Tonnerre de Brest ! Charles Caudrelier et son géant des mers Edmond de Rothschild ont franchi mardi matin à 8h37 en vainqueur la ligne d’arrivée de l’Arkéa Ultim Challenge, la première course autour du monde en solitaire sur les trimarans géants. Eclairé par quelques rayons du soleil perçant un magnifique ciel orangé à l’approche de la pointe Saint-Mathieu, comme béni des dieux alors que la Bretagne a été noyée sous la pluie ces derniers jours, le marin, qui a fêté ses cinquante ans lundi, aura mis 50 jours 19 heures 7 minutes et 42 secondes pour revenir dans la cité du Finistère qu’il avait quittée le 7 janvier dernier après avoir bouclé plus de 22.500 milles (41.000 km) sur les océans en passant par les 3 caps de référence (Bonne Espérance, Leeuwin et Horn).

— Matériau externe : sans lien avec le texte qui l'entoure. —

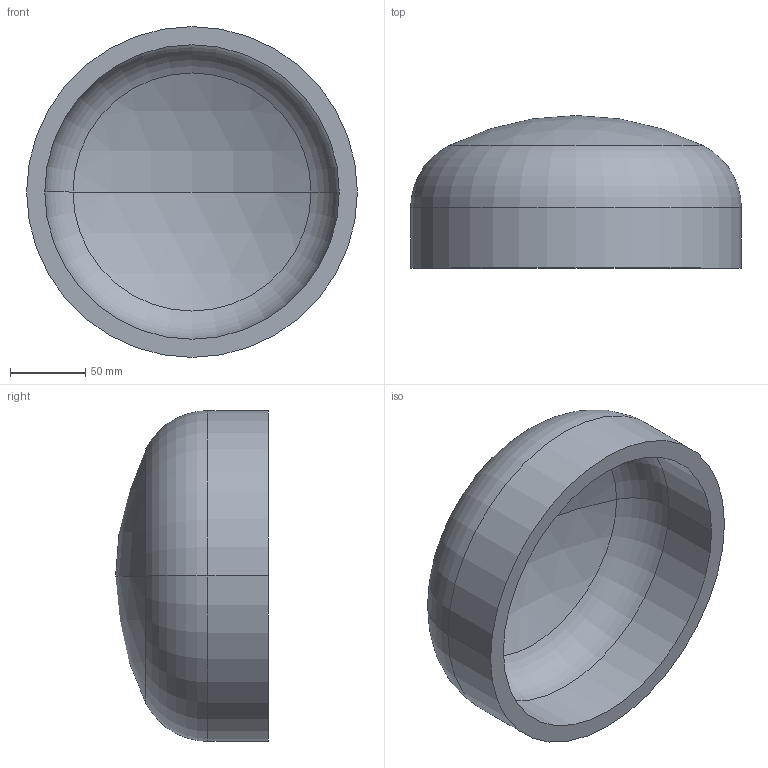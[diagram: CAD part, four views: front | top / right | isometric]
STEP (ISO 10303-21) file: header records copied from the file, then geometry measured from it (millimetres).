
FILE_DESCRIPTION (( 'STEP AP203' ), '1' );
FILE_NAME ('DIN 28013 Korbbogenform_-_Boden DIN 28013 - 219,1 x 40 - I - s=12.step', '2016-07-01T07:42:28', ( '' ), ( '' ), 'SwSTEP 2.0', 'SolidWorks 2013', '' );
FILE_SCHEMA (( 'CONFIG_CONTROL_DESIGN' ));
Length unit declared in the file: millimetre
Products named in the file (1): DIN 28013 Korbbogenform_-_Boden DIN 28013 - 219,1 x 40 - I - s=12
Bounding box: 219.1 x 101.13 x 219.1 mm (x, y, z)
Volume: 897458.2 mm3; surface area: 157685.4 mm2
Topology: 1 solids, 1 shells, 13 faces, 24 edges, 14 vertices
Faces by surface type: torus 4, cylinder 4, sphere 4, plane 1
Entity records: 407 total; most frequent: DIRECTION 72, CARTESIAN_POINT 52, ORIENTED_EDGE 48, AXIS2_PLACEMENT_3D 34, EDGE_CURVE 24, CIRCLE 20, VERTEX_POINT 14, EDGE_LOOP 14
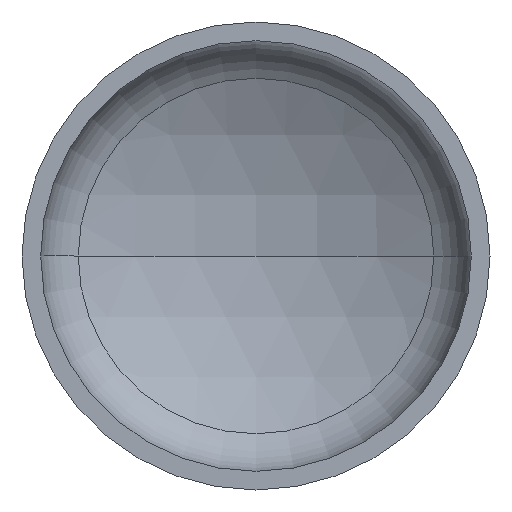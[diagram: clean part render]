
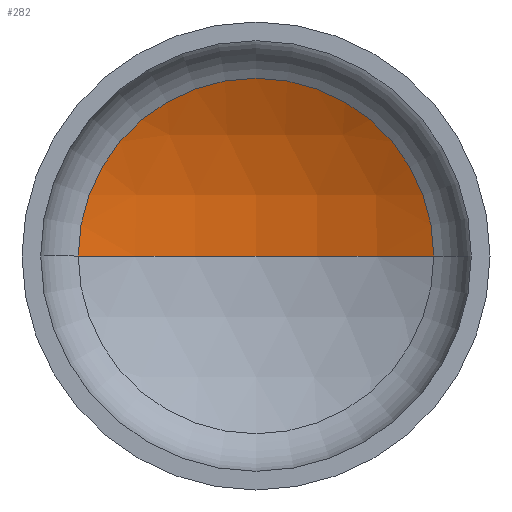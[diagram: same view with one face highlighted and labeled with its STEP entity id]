
A CAD part, front view. The second image highlights one B-rep face of the part: STEP entity #282.
In plain terms, the highlighted spherical face has radius 1520 mm.
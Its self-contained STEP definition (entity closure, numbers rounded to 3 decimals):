
#17 = AXIS2_PLACEMENT_3D ( 'NONE', #80, #352, #274 ) ;
#19 = AXIS2_PLACEMENT_3D ( 'NONE', #124, #127, #286 ) ;
#21 = EDGE_LOOP ( 'NONE', ( #391, #235, #172 ) ) ;
#26 = AXIS2_PLACEMENT_3D ( 'NONE', #112, #331, #160 ) ;
#47 = AXIS2_PLACEMENT_3D ( 'NONE', #206, #220, #205 ) ;
#80 = CARTESIAN_POINT ( 'NONE',  ( 0., -962.517, 0. ) ) ;
#112 = CARTESIAN_POINT ( 'NONE',  ( 0., 375.228, 0. ) ) ;
#124 = CARTESIAN_POINT ( 'NONE',  ( 0., -962.517, 0. ) ) ;
#127 = DIRECTION ( 'NONE',  ( 0., 0., -1. ) ) ;
#146 = CARTESIAN_POINT ( 'NONE',  ( 721.691, 375.228, 0. ) ) ;
#148 = SPHERICAL_SURFACE ( 'NONE', #47, 1520. ) ;
#160 = DIRECTION ( 'NONE',  ( 1., 0., 0. ) ) ;
#172 = ORIENTED_EDGE ( 'NONE', *, *, #347, .T. ) ;
#204 = CARTESIAN_POINT ( 'NONE',  ( -721.691, 375.228, 0. ) ) ;
#205 = DIRECTION ( 'NONE',  ( -1., 0., 0. ) ) ;
#206 = CARTESIAN_POINT ( 'NONE',  ( 0., -962.517, 0. ) ) ;
#212 = VERTEX_POINT ( 'NONE', #146 ) ;
#220 = DIRECTION ( 'NONE',  ( 0., 0., -1. ) ) ;
#226 = FACE_OUTER_BOUND ( 'NONE', #21, .T. ) ;
#235 = ORIENTED_EDGE ( 'NONE', *, *, #350, .T. ) ;
#265 = CIRCLE ( 'NONE', #17, 1520. ) ;
#274 = DIRECTION ( 'NONE',  ( 1., 0., 0. ) ) ;
#279 = CIRCLE ( 'NONE', #19, 1520. ) ;
#282 = ADVANCED_FACE ( 'NONE', ( #226 ), #148, .F. ) ;
#286 = DIRECTION ( 'NONE',  ( -1., 0., 0. ) ) ;
#304 = VERTEX_POINT ( 'NONE', #204 ) ;
#331 = DIRECTION ( 'NONE',  ( 0., -1., 0. ) ) ;
#347 = EDGE_CURVE ( 'NONE', #212, #304, #348, .T. ) ;
#348 = CIRCLE ( 'NONE', #26, 721.691 ) ;
#350 = EDGE_CURVE ( 'NONE', #360, #212, #279, .T. ) ;
#352 = DIRECTION ( 'NONE',  ( 0., 0., 1. ) ) ;
#356 = EDGE_CURVE ( 'NONE', #360, #304, #265, .T. ) ;
#357 = CARTESIAN_POINT ( 'NONE',  ( 0., 557.483, 0. ) ) ;
#360 = VERTEX_POINT ( 'NONE', #357 ) ;
#391 = ORIENTED_EDGE ( 'NONE', *, *, #356, .F. ) ;
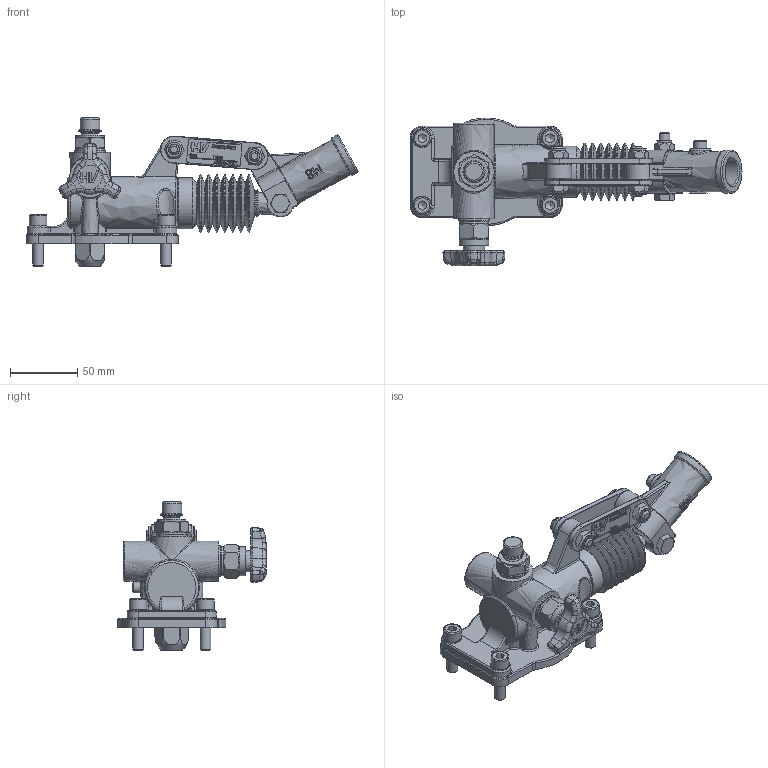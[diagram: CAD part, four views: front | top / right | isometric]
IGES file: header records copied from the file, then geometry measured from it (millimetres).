
Global section: file name: No Iges File Name specified; native system: Autodesk Inventor 2013; preprocessor: AutoDesk Inventor Iges Exporter R2013; author: christian.scardovi; date: 20240325.160729; units: millimetre
Bounding box: 246.62 x 109.99 x 110 mm (x, y, z)
Volume: 359840.7 mm3; surface area: 94631.6 mm2
Topology: 1 solids, 1 shells, 1587 faces, 3945 edges, 2429 vertices
Faces by surface type: bspline 1587
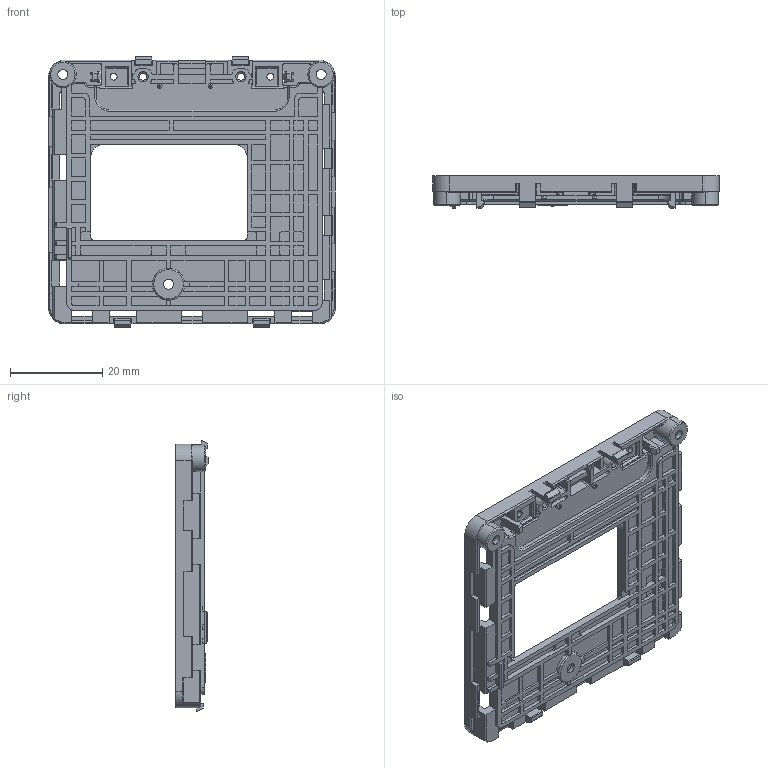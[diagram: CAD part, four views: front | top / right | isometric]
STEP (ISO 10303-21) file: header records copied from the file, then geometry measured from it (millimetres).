
FILE_DESCRIPTION (( 'STEP AP214' ), '1' );
FILE_NAME ('1_Frame_20211119.STEP', '2021-11-19T02:43:49', ( '' ), ( '' ), 'SwSTEP 2.0', 'SolidWorks 2019', '' );
FILE_SCHEMA (( 'AUTOMOTIVE_DESIGN' ));
Length unit declared in the file: millimetre
Products named in the file (1): 1_Frame_20211119
Bounding box: 62.25 x 7.1 x 58.85 mm (x, y, z)
Volume: 6602.9 mm3; surface area: 9750.8 mm2
Topology: 1 solids, 1 shells, 947 faces, 2610 edges, 1689 vertices
Faces by surface type: plane 713, cylinder 170, cone 56, torus 8
Entity records: 29871 total; most frequent: CARTESIAN_POINT 5411, ORIENTED_EDGE 5212, DIRECTION 4874, EDGE_CURVE 2606, LINE 2148, VECTOR 2148, VERTEX_POINT 1689, AXIS2_PLACEMENT_3D 1363
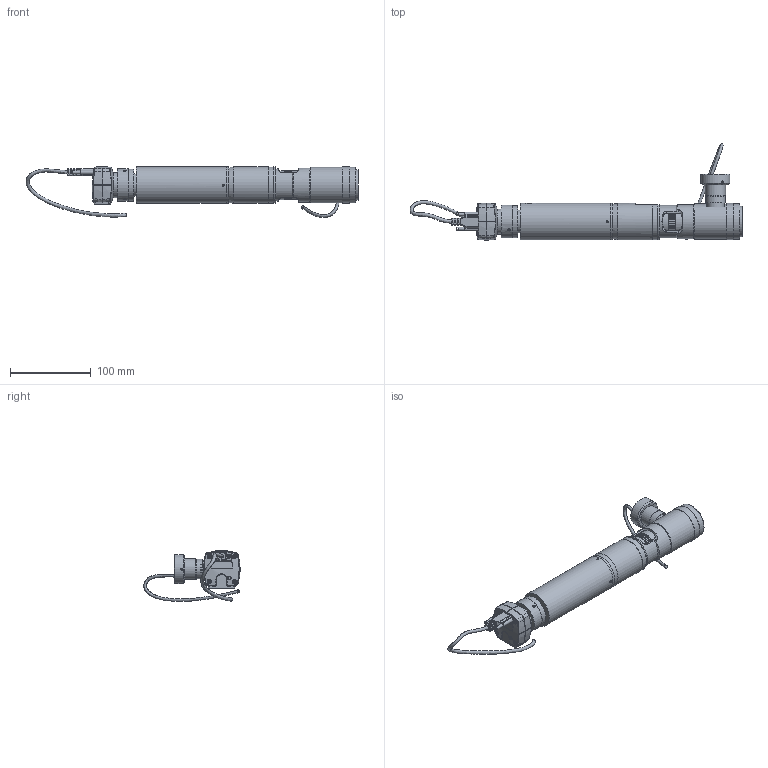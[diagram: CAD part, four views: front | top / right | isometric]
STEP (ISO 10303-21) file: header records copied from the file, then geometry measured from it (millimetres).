
FILE_DESCRIPTION(/* description */ (''),/* implementation_level */ '2;1');
FILE_NAME(/* name */ 'S:\Bureau-Technique\Vidéo\MA 730E-Z2-064-SC.stp',/* time_stamp */ '2018-10-08T09:50:30+02:00',/* author */ ('chu'),/* organization */ ('Marcel Aubert'),/* preprocessor_version */ 'ST-DEVELOPER v17.2',/* originating_system */ 'Autodesk Inventor 2019',/* authorisation */ '');
FILE_SCHEMA (('AUTOMOTIVE_DESIGN { 1 0 10303 214 3 1 1 }'));
Length unit declared in the file: millimetre
Products named in the file (1): Pièce1
Bounding box: 412 x 119.52 x 63.13 mm (x, y, z)
Volume: 414121.6 mm3; surface area: 104012.7 mm2
Topology: 2 solids, 13 shells, 1249 faces, 3379 edges, 2235 vertices
Faces by surface type: plane 612, cylinder 338, bspline 126, cone 97, torus 53, sphere 23
Full cylindrical faces by diameter (mm): 1.567 x2, 1.783 x2, 1.88 x4, 2 x4, 2.2 x2, 2.3 x2, 2.459 x12, 2.5 x2, 3 x5, 3.2 x1, 3.242 x5, 3.5 x4, 3.7 x1, 3.9 x2, 4 x3, 5 x3, 7.1 x2, 7.4 x2, 8.6 x3, 16 x1, 16.6 x1, 18.3 x1, 19 x2, 19.8 x1, 20 x3, 20.5 x1, 21.225 x1, 21.459 x2, 22.1 x1, 22.5 x1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
Entity records: 64613 total; most frequent: CARTESIAN_POINT 32223, ORIENTED_EDGE 6732, DIRECTION 6217, EDGE_CURVE 3366, AXIS2_PLACEMENT_3D 2378, VERTEX_POINT 2235, LINE 1461, VECTOR 1461

Très confortable leader du classement depuis l’entrée dans les mers du sud, Caudrelier s’est même offert le luxe de faire une escale, la semaine passée aux Açores, pendant trois jours. Une pause prudence pour laisser passer la tempête Louis alors que son bateau était fatigué avec un bras avant tribord très abîmé. Une avarie survenue quatre jours après le départ de la course que le marin s’était bien gardé de révéler pour ne pas nourrir les espoirs de la concurrence.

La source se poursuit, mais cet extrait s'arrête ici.